Her father built his first sawmill at the beginning of the 18th century on the Ramezay property located on the seigneury of Chambly, Quebec, on the banks of the Huron River. The sawmill was well situated so it could supply beams, planks and planking to customers, including the shipyards of Quebec City.

At around 30, Louise assumed a management role by taking partial control of the family's sawmill, which was not easy given that it was destroyed with regularity by spring floods. When her father died in 1724, his wife initially assumed management of the sawmill in partnership with Clément de Sabrevois de Bleury, but that arrangement ended in a long and messy lawsuit. After it was settled in 1739, Louise assumed sole management from her mother and prospered.

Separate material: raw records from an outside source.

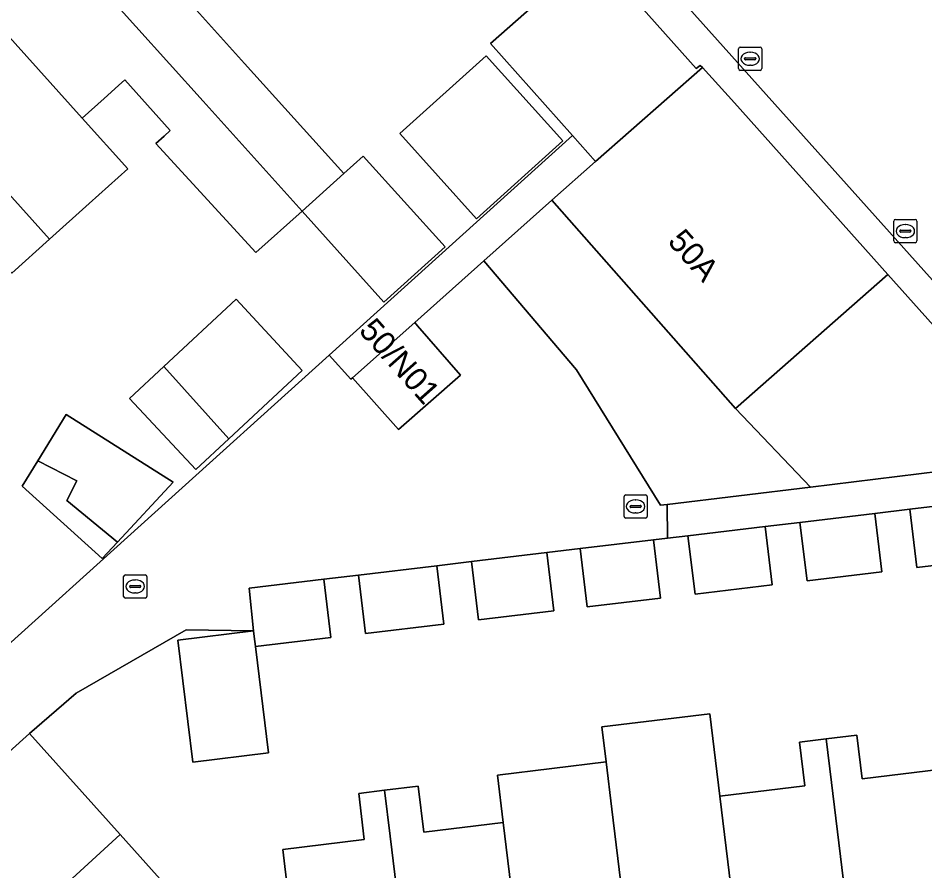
# Model space of a CAD drawing. Extents: x 162172 to 163187, y 382874 to 383685.
# Drawn here: x 162769.31 to 162808.38, y 383280.9 to 383317.62 of the extents above; entities that cross this region are included whole.
import ezdxf

# ---------------------------------------------------------------- set-up
doc = ezdxf.new("R2010")
doc.units = 0
for name, color, linetype in [('IMGEO_Erf', 7, 'Continuous'), ('IMGEO_Kolk', 7, 'Continuous'), ('IMGEO_Pand', 7, 'Continuous'), ('IMGEO_Pand_nummerreeks', 7, 'Continuous'), ('IMGEO_Parkeervlak_open', 7, 'Continuous'), ('IMGEO_Rijbaan_lokaal_gesloten', 7, 'Continuous'), ('IMGEO_Voetpad_open', 7, 'Continuous')]:
    doc.layers.add(name, color=color, linetype=linetype)

msp = doc.modelspace()

# ---------------------------------------------------------------- linework, layer by layer
at = {"layer": 'IMGEO_Erf'}
for points in [[(162767.674, 383289.553), (162782.71, 383303.106), (162793.199, 383312.56), (162789.669, 383316.528), (162794.092, 383320.435)], [(162776.869, 383318.115), (162779.073, 383315.667), (162783.341, 383310.926), (162784.181, 383311.682), (162787.706, 383307.765), (162785.068, 383305.39), (162781.544, 383309.309), (162779.559, 383307.521), (162775.251, 383312.221), (162775.598, 383312.539), (162775.863, 383312.782), (162773.906, 383314.957), (162773.638, 383314.716), (162773.022, 383314.161), (162772.079, 383313.313), (162774.038, 383311.137), (162772.374, 383309.639), (162770.665, 383308.102), (162769.043, 383306.642)], [(162811.325, 383294.347), (162808.031, 383293.954), (162807.724, 383296.468), (162806.221, 383296.289), (162806.528, 383293.775), (162803.302, 383293.39), (162802.995, 383295.904), (162801.497, 383295.725), (162801.804, 383293.211), (162798.479, 383292.815), (162798.173, 383295.328), (162797.285, 383295.223), (162796.683, 383295.151), (162796.989, 383292.637), (162793.833, 383292.26), (162793.526, 383294.774), (162792.091, 383294.603), (162792.398, 383292.089), (162789.152, 383291.702), (162788.846, 383294.216), (162787.352, 383294.037), (162787.659, 383291.523), (162784.28, 383291.12), (162783.973, 383293.634), (162782.483, 383293.456), (162782.79, 383290.943), (162779.538, 383290.554), (162780.095, 383285.977), (162776.837, 383285.58), (162776.196, 383290.836), (162779.455, 383291.233), (162776.553, 383291.27), (162771.812, 383288.553), (162769.804, 383286.816), (162773.71, 383282.461), (162777.65, 383278.068)], [(162781.126, 383278.419), (162780.711, 383281.819), (162784.228, 383282.248), (162783.986, 383284.234), (162785.103, 383284.37), (162786.546, 383284.546), (162786.788, 383282.56), (162790.216, 383282.978), (162789.968, 383285.015), (162794.646, 383285.585), (162794.467, 383287.095), (162799.109, 383287.661), (162799.541, 383284.115), (162803.21, 383284.562), (162802.982, 383286.436), (162804.132, 383286.576), (162805.443, 383286.735), (162805.671, 383284.862), (162809.089, 383285.278)]]:
    msp.add_lwpolyline(points, dxfattribs=at)
for points in [[(162785.76, 383312.649), (162789.481, 383315.998), (162792.781, 383312.333), (162789.06, 383308.983)], [(162792.31, 383309.782), (162789.381, 383307.172), (162793.366, 383302.477), (162796.988, 383296.639), (162797.269, 383296.673), (162803.444, 383297.419), (162800.222, 383300.804)], [(162778.701, 383305.515), (162781.556, 383302.445), (162778.394, 383299.504), (162776.967, 383298.176), (162774.112, 383301.246), (162775.591, 383302.622)], [(162775.992, 383297.635), (162773.595, 383295.056), (162772.937, 383294.349), (162769.492, 383297.458), (162770.159, 383298.551), (162771.384, 383300.557)]]:
    msp.add_lwpolyline(points, close=True, dxfattribs=at)
at = {"layer": 'IMGEO_Kolk'}
for p, q in [((162800.352, 383315.446), (162800.352, 383316.298)), ((162800.427, 383316.372), (162801.279, 383316.372)), ((162801.353, 383316.298), (162801.353, 383315.446)), ((162800.611, 383315.866), (162800.611, 383315.878)), ((162801.049, 383315.829), (162800.651, 383315.829)), ((162800.654, 383315.915), (162801.052, 383315.915)), ((162800.84, 383316.152), (162800.865, 383316.152)), ((162801.095, 383315.878), (162801.095, 383315.866)), ((162800.863, 383315.592), (162800.838, 383315.592)), ((162801.279, 383315.372), (162800.427, 383315.372)), ((162807.036, 383308.024), (162807.036, 383308.876)), ((162807.111, 383308.95), (162807.963, 383308.95)), ((162808.037, 383308.876), (162808.037, 383308.024)), ((162807.295, 383308.444), (162807.295, 383308.456)), ((162807.733, 383308.407), (162807.335, 383308.407)), ((162807.338, 383308.493), (162807.736, 383308.493)), ((162807.524, 383308.73), (162807.549, 383308.73)), ((162807.779, 383308.456), (162807.779, 383308.444)), ((162807.547, 383308.17), (162807.522, 383308.17)), ((162807.963, 383307.95), (162807.111, 383307.95)), ((162795.491, 383297.09), (162796.343, 383297.09)), ((162795.416, 383296.164), (162795.416, 383297.016)), ((162795.904, 383296.87), (162795.929, 383296.87)), ((162796.417, 383297.016), (162796.417, 383296.164)), ((162795.675, 383296.584), (162795.675, 383296.596)), ((162796.113, 383296.547), (162795.715, 383296.547)), ((162795.718, 383296.633), (162796.116, 383296.633)), ((162795.927, 383296.31), (162795.902, 383296.31)), ((162796.159, 383296.596), (162796.159, 383296.584)), ((162796.343, 383296.09), (162795.491, 383296.09)), ((162773.858, 383292.717), (162773.858, 383293.569)), ((162773.933, 383293.643), (162774.785, 383293.643)), ((162774.859, 383293.569), (162774.859, 383292.717)), ((162774.117, 383293.137), (162774.117, 383293.149)), ((162774.16, 383293.186), (162774.558, 383293.186)), ((162774.346, 383293.423), (162774.371, 383293.423)), ((162774.601, 383293.149), (162774.601, 383293.137)), ((162774.555, 383293.1), (162774.157, 383293.1)), ((162774.369, 383292.863), (162774.344, 383292.863)), ((162774.785, 383292.643), (162773.933, 383292.643))]:
    msp.add_line(p, q, dxfattribs=at)
for points in [[(162800.352, 383315.446), (162800.352, 383316.298)], [(162800.427, 383316.372), (162801.279, 383316.372)], [(162801.353, 383316.298), (162801.353, 383315.446)], [(162801.279, 383315.372), (162800.427, 383315.372)], [(162807.036, 383308.024), (162807.036, 383308.876)], [(162807.111, 383308.95), (162807.963, 383308.95)], [(162808.037, 383308.876), (162808.037, 383308.024)], [(162807.963, 383307.95), (162807.111, 383307.95)], [(162795.491, 383297.09), (162796.343, 383297.09)], [(162795.416, 383296.164), (162795.416, 383297.016)], [(162796.417, 383297.016), (162796.417, 383296.164)], [(162796.343, 383296.09), (162795.491, 383296.09)], [(162773.858, 383292.717), (162773.858, 383293.569)], [(162773.933, 383293.643), (162774.785, 383293.643)], [(162774.859, 383293.569), (162774.859, 383292.717)], [(162774.785, 383292.643), (162773.933, 383292.643)]]:
    msp.add_lwpolyline(points, dxfattribs=at)
for centre, radius, start, end in [((162800.429, 383316.296), 0.0765, 91.552, 178.448), ((162800.429, 383316.296), 0.0765, 91.552, 178.448), ((162801.277, 383316.296), 0.0765, 1.552, 88.448), ((162801.277, 383316.296), 0.0765, 1.552, 88.448), ((162800.651, 383315.875), 0.0403, 85.8775, 175.7526), ((162800.648, 383315.865), 0.0366, 178.938, 274.7102), ((162801.052, 383315.872), 0.043, 264.8664, 352.4533), ((162801.056, 383315.877), 0.0386, 1.7309, 96.639), ((162800.429, 383315.448), 0.0765, 181.552, 268.448), ((162800.429, 383315.448), 0.0765, 181.552, 268.448), ((162801.277, 383315.448), 0.0765, 271.552, 358.448), ((162801.277, 383315.448), 0.0765, 271.552, 358.448), ((162807.113, 383308.874), 0.0765, 91.552, 178.448), ((162807.113, 383308.874), 0.0765, 91.552, 178.448), ((162807.961, 383308.874), 0.0765, 1.552, 88.448), ((162807.961, 383308.874), 0.0765, 1.552, 88.448), ((162807.335, 383308.453), 0.0403, 85.8775, 175.7526), ((162807.332, 383308.443), 0.0366, 178.938, 274.7102), ((162807.736, 383308.45), 0.043, 264.8664, 352.4533), ((162807.74, 383308.455), 0.0386, 1.7309, 96.639), ((162807.113, 383308.026), 0.0765, 181.552, 268.448), ((162807.113, 383308.026), 0.0765, 181.552, 268.448), ((162807.961, 383308.026), 0.0765, 271.552, 358.448), ((162807.961, 383308.026), 0.0765, 271.552, 358.448), ((162795.493, 383297.014), 0.0765, 91.552, 178.448), ((162795.493, 383297.014), 0.0765, 91.552, 178.448), ((162796.341, 383297.014), 0.0765, 1.552, 88.448), ((162796.341, 383297.014), 0.0765, 1.552, 88.448), ((162795.715, 383296.593), 0.0403, 85.8775, 175.7526), ((162795.712, 383296.583), 0.0366, 178.938, 274.7102), ((162796.116, 383296.59), 0.043, 264.8664, 352.4533), ((162796.12, 383296.595), 0.0386, 1.7309, 96.639), ((162795.493, 383296.166), 0.0765, 181.552, 268.448), ((162795.493, 383296.166), 0.0765, 181.552, 268.448), ((162796.341, 383296.166), 0.0765, 271.552, 358.448), ((162796.341, 383296.166), 0.0765, 271.552, 358.448), ((162773.935, 383293.567), 0.0765, 91.552, 178.448), ((162773.935, 383293.567), 0.0765, 91.552, 178.448), ((162774.783, 383293.567), 0.0765, 1.552, 88.448), ((162774.783, 383293.567), 0.0765, 1.552, 88.448), ((162774.157, 383293.146), 0.0403, 85.8775, 175.7526), ((162774.154, 383293.136), 0.0366, 178.938, 274.7102), ((162774.558, 383293.143), 0.043, 264.8664, 352.4533), ((162774.562, 383293.148), 0.0386, 1.7309, 96.639), ((162773.935, 383292.719), 0.0765, 181.552, 268.448), ((162773.935, 383292.719), 0.0765, 181.552, 268.448), ((162774.783, 383292.719), 0.0765, 271.552, 358.448), ((162774.783, 383292.719), 0.0765, 271.552, 358.448)]:
    msp.add_arc(centre, radius, start, end, dxfattribs=at)
for centre, major_axis, ratio, start_param, end_param in [((162800.839, 383315.872), (-0.387, 0.002), 0.722429, 4.712389, 7.853982), ((162800.864, 383315.872), (-0.39, 0.002), 0.717154, 1.570796, 4.712389), ((162807.523, 383308.45), (-0.387, 0.002), 0.722429, 4.712389, 7.853982), ((162807.548, 383308.45), (-0.39, 0.002), 0.717154, 1.570796, 4.712389), ((162795.903, 383296.59), (-0.387, 0.002), 0.722429, 4.712389, 7.853982), ((162795.928, 383296.59), (-0.39, 0.002), 0.717154, 1.570796, 4.712389), ((162774.345, 383293.143), (-0.387, 0.002), 0.722429, 4.712389, 7.853982), ((162774.37, 383293.143), (-0.39, 0.002), 0.717154, 1.570796, 4.712389)]:
    msp.add_ellipse(centre, major_axis=major_axis, ratio=ratio, start_param=start_param, end_param=end_param, dxfattribs=at)
at = {"layer": 'IMGEO_Pand'}
for points in [[(162773.633, 383325.324), (162770.039, 383322.104), (162777.279, 383314.052), (162781.544, 383309.309), (162783.341, 383310.926), (162779.073, 383315.667), (162776.869, 383318.115), (162778.663, 383319.729)], [(162770.039, 383322.104), (162766.792, 383319.195), (162772.079, 383313.313), (162773.022, 383314.161), (162773.638, 383314.716), (162773.906, 383314.957), (162775.863, 383312.782), (162775.598, 383312.539), (162775.251, 383312.221), (162779.559, 383307.521), (162781.544, 383309.309), (162777.279, 383314.052)], [(162794.092, 383320.435), (162789.669, 383316.528), (162793.199, 383312.56), (162794.194, 383311.442), (162798.801, 383315.502), (162798.702, 383315.578), (162798.526, 383315.447)], [(162772.079, 383313.313), (162766.792, 383319.195), (162763.413, 383316.169), (162770.665, 383308.102), (162772.374, 383309.639), (162774.038, 383311.137)], [(162760.173, 383313.267), (162763.596, 383309.252), (162765.366, 383307.285), (162767.078, 383308.826), (162769.043, 383306.642), (162770.665, 383308.102), (162763.413, 383316.169)], [(162785.76, 383312.649), (162789.06, 383308.983), (162792.781, 383312.333), (162789.481, 383315.998)], [(162800.222, 383300.804), (162806.783, 383306.582), (162800.173, 383313.968), (162798.801, 383315.502), (162794.194, 383311.442), (162792.31, 383309.782)], [(162784.181, 383311.682), (162783.341, 383310.926), (162781.544, 383309.309), (162785.068, 383305.39), (162787.706, 383307.765)], [(162800.222, 383300.804), (162803.444, 383297.419), (162813.714, 383298.682), (162813.788, 383298.759), (162806.783, 383306.582)], [(162775.591, 383302.622), (162778.394, 383299.504), (162781.556, 383302.445), (162778.701, 383305.515)], [(162788.372, 383302.25), (162786.522, 383304.374), (162786.399, 383304.515), (162783.721, 383302.136), (162785.705, 383299.901)], [(162775.591, 383302.622), (162774.112, 383301.246), (162776.967, 383298.176), (162778.394, 383299.504)], [(162775.992, 383297.635), (162771.384, 383300.557), (162770.159, 383298.551), (162771.841, 383297.69), (162771.406, 383296.84), (162773.595, 383295.056)], [(162773.595, 383295.056), (162771.406, 383296.84), (162771.841, 383297.69), (162770.159, 383298.551), (162769.492, 383297.458), (162772.937, 383294.349)], [(162811.017, 383296.861), (162807.724, 383296.468), (162808.031, 383293.954), (162811.325, 383294.347)], [(162806.221, 383296.289), (162802.995, 383295.904), (162803.302, 383293.39), (162806.528, 383293.775)], [(162801.497, 383295.725), (162798.173, 383295.328), (162798.479, 383292.815), (162801.804, 383293.211)], [(162796.683, 383295.151), (162793.526, 383294.774), (162793.833, 383292.26), (162796.989, 383292.637)], [(162792.091, 383294.603), (162788.846, 383294.216), (162789.152, 383291.702), (162792.398, 383292.089)], [(162787.352, 383294.037), (162783.973, 383293.634), (162784.28, 383291.12), (162787.659, 383291.523)], [(162782.483, 383293.456), (162779.265, 383293.072), (162779.455, 383291.233), (162779.484, 383290.996), (162779.538, 383290.554), (162782.79, 383290.943)], [(162779.538, 383290.554), (162779.484, 383290.996), (162779.455, 383291.233), (162776.196, 383290.836), (162776.837, 383285.58), (162780.095, 383285.977)], [(162799.541, 383284.115), (162799.109, 383287.661), (162794.467, 383287.095), (162794.646, 383285.585), (162794.894, 383283.548), (162795.915, 383275.175), (162800.562, 383275.739)], [(162768.188, 383277.43), (162773.71, 383282.461), (162769.804, 383286.816), (162764.229, 383281.799)], [(162804.132, 383286.576), (162802.982, 383286.436), (162803.21, 383284.562), (162799.541, 383284.115), (162800.562, 383275.739), (162805.381, 383276.323), (162804.36, 383284.702)], [(162809.089, 383285.278), (162805.671, 383284.862), (162805.443, 383286.735), (162804.132, 383286.576), (162804.36, 383284.702), (162805.381, 383276.323), (162810.111, 383276.896)], [(162794.646, 383285.585), (162789.968, 383285.015), (162790.216, 383282.978), (162791.236, 383274.608), (162795.915, 383275.175), (162794.894, 383283.548)], [(162790.216, 383282.978), (162786.788, 383282.56), (162786.546, 383284.546), (162785.103, 383284.37), (162785.345, 383282.384), (162786.365, 383274.017), (162791.236, 383274.608)], [(162785.103, 383284.37), (162783.986, 383284.234), (162784.228, 383282.248), (162780.711, 383281.819), (162781.126, 383278.419), (162781.731, 383273.455), (162786.365, 383274.017), (162785.345, 383282.384)], [(162768.188, 383277.43), (162772.15, 383273.057), (162773.138, 383273.958), (162777.65, 383278.068), (162773.71, 383282.461)]]:
    msp.add_lwpolyline(points, close=True, dxfattribs=at)
at = {"layer": 'IMGEO_Parkeervlak_open'}
msp.add_lwpolyline([(162895.162, 383320.942), (162856.135, 383364.326), (162860.348, 383368.115), (162857.54, 383371.237), (162798.204, 383318.046), (162815.123, 383299.172), (162815.965, 383299.314), (162828.499, 383300.83), (162843.549, 383302.649), (162843.706, 383302.686), (162843.036, 383308.139), (162851.601, 383309.192), (162857.334, 383309.83), (162865.781, 383310.872), (162866.43, 383305.611), (162891.656, 383308.468), (162894.87, 383308.939), (162900.797, 383313.985), (162901.094, 383314.238)], close=True, dxfattribs=at)
at = {"layer": 'IMGEO_Rijbaan_lokaal_gesloten'}
msp.add_lwpolyline([(162764.229, 383281.799), (162769.804, 383286.816), (162771.812, 383288.553), (162776.553, 383291.27), (162779.455, 383291.233), (162779.265, 383293.072), (162782.483, 383293.456), (162783.973, 383293.634), (162787.352, 383294.037), (162788.846, 383294.216), (162792.091, 383294.603), (162793.526, 383294.774), (162796.683, 383295.151), (162797.285, 383295.223), (162797.269, 383296.673), (162796.988, 383296.639), (162793.366, 383302.477), (162789.381, 383307.172), (162786.399, 383304.515), (162786.522, 383304.374), (162788.372, 383302.25), (162785.705, 383299.901), (162783.721, 383302.136), (162783.65, 383302.072), (162782.71, 383303.106), (162767.674, 383289.553)], dxfattribs=at)
at = {"layer": 'IMGEO_Voetpad_open'}
for points in [[(162851.601, 383309.192), (162843.036, 383308.139), (162843.706, 383302.686), (162843.549, 383302.649), (162828.499, 383300.83), (162815.965, 383299.314), (162815.123, 383299.172), (162798.204, 383318.046), (162857.54, 383371.237)], [(162810.153, 383330.878), (162807.919, 383328.875), (162806.356, 383327.473), (162804.123, 383325.469), (162801.89, 383323.466), (162799.657, 383321.463), (162797.183, 383319.264), (162790.015, 383327.327), (162783.75, 383334.333), (162782.641, 383333.394), (162788.223, 383327.136), (162794.092, 383320.435), (162798.526, 383315.447), (162798.702, 383315.578), (162798.801, 383315.502), (162800.173, 383313.968), (162806.783, 383306.582), (162813.788, 383298.759)], [(162813.714, 383298.682), (162803.444, 383297.419), (162797.269, 383296.673), (162797.285, 383295.223), (162798.173, 383295.328), (162801.497, 383295.725), (162802.995, 383295.904), (162806.221, 383296.289), (162807.724, 383296.468), (162811.017, 383296.861)]]:
    msp.add_lwpolyline(points, dxfattribs=at)
msp.add_lwpolyline([(162792.31, 383309.782), (162794.194, 383311.442), (162793.199, 383312.56), (162782.71, 383303.106), (162783.65, 383302.072), (162783.721, 383302.136), (162786.399, 383304.515), (162789.381, 383307.172)], close=True, dxfattribs=at)

# ---------------------------------------------------------------- texts
at = {"layer": 'IMGEO_Pand_nummerreeks'}
for s, rotation, p in [('50A', 311.3886, (162797.26, 383307.977)), ('50/N01', 311.5953, (162783.953, 383304.134))]:
    msp.add_text(s, height=1, rotation=rotation, dxfattribs=at).set_placement(p)

doc.saveas('drawing.dxf')

According to Fortin: "It was therefore quite natural that she took over the management when the opportunity arose. Until her death at the age of 71, this single woman ran her sawmill and other enterprises with unwavering determination, despite the numerous obstacles." According to Paré: "For over 30 years, Louise de Ramezay constantly ensured that the sawmill on the Huron River remained operational, as the business had to pay an annual rent of 112 livres to the seigneurs of Chambly and 600 livres to her sisters and her brother, Jean-Baptiste-Nicolas-Roch, who, like her, were heirs to their father's estate." By 1755, Louise was operating a tannery and several other mills in addition to the one she had inherited. The contract for the first sawmill was renewed regularly, which was considered a "testament to its success and almost uninterrupted operation."

Louise never married. She died in Chambly, Quebec, on 22 October 1776.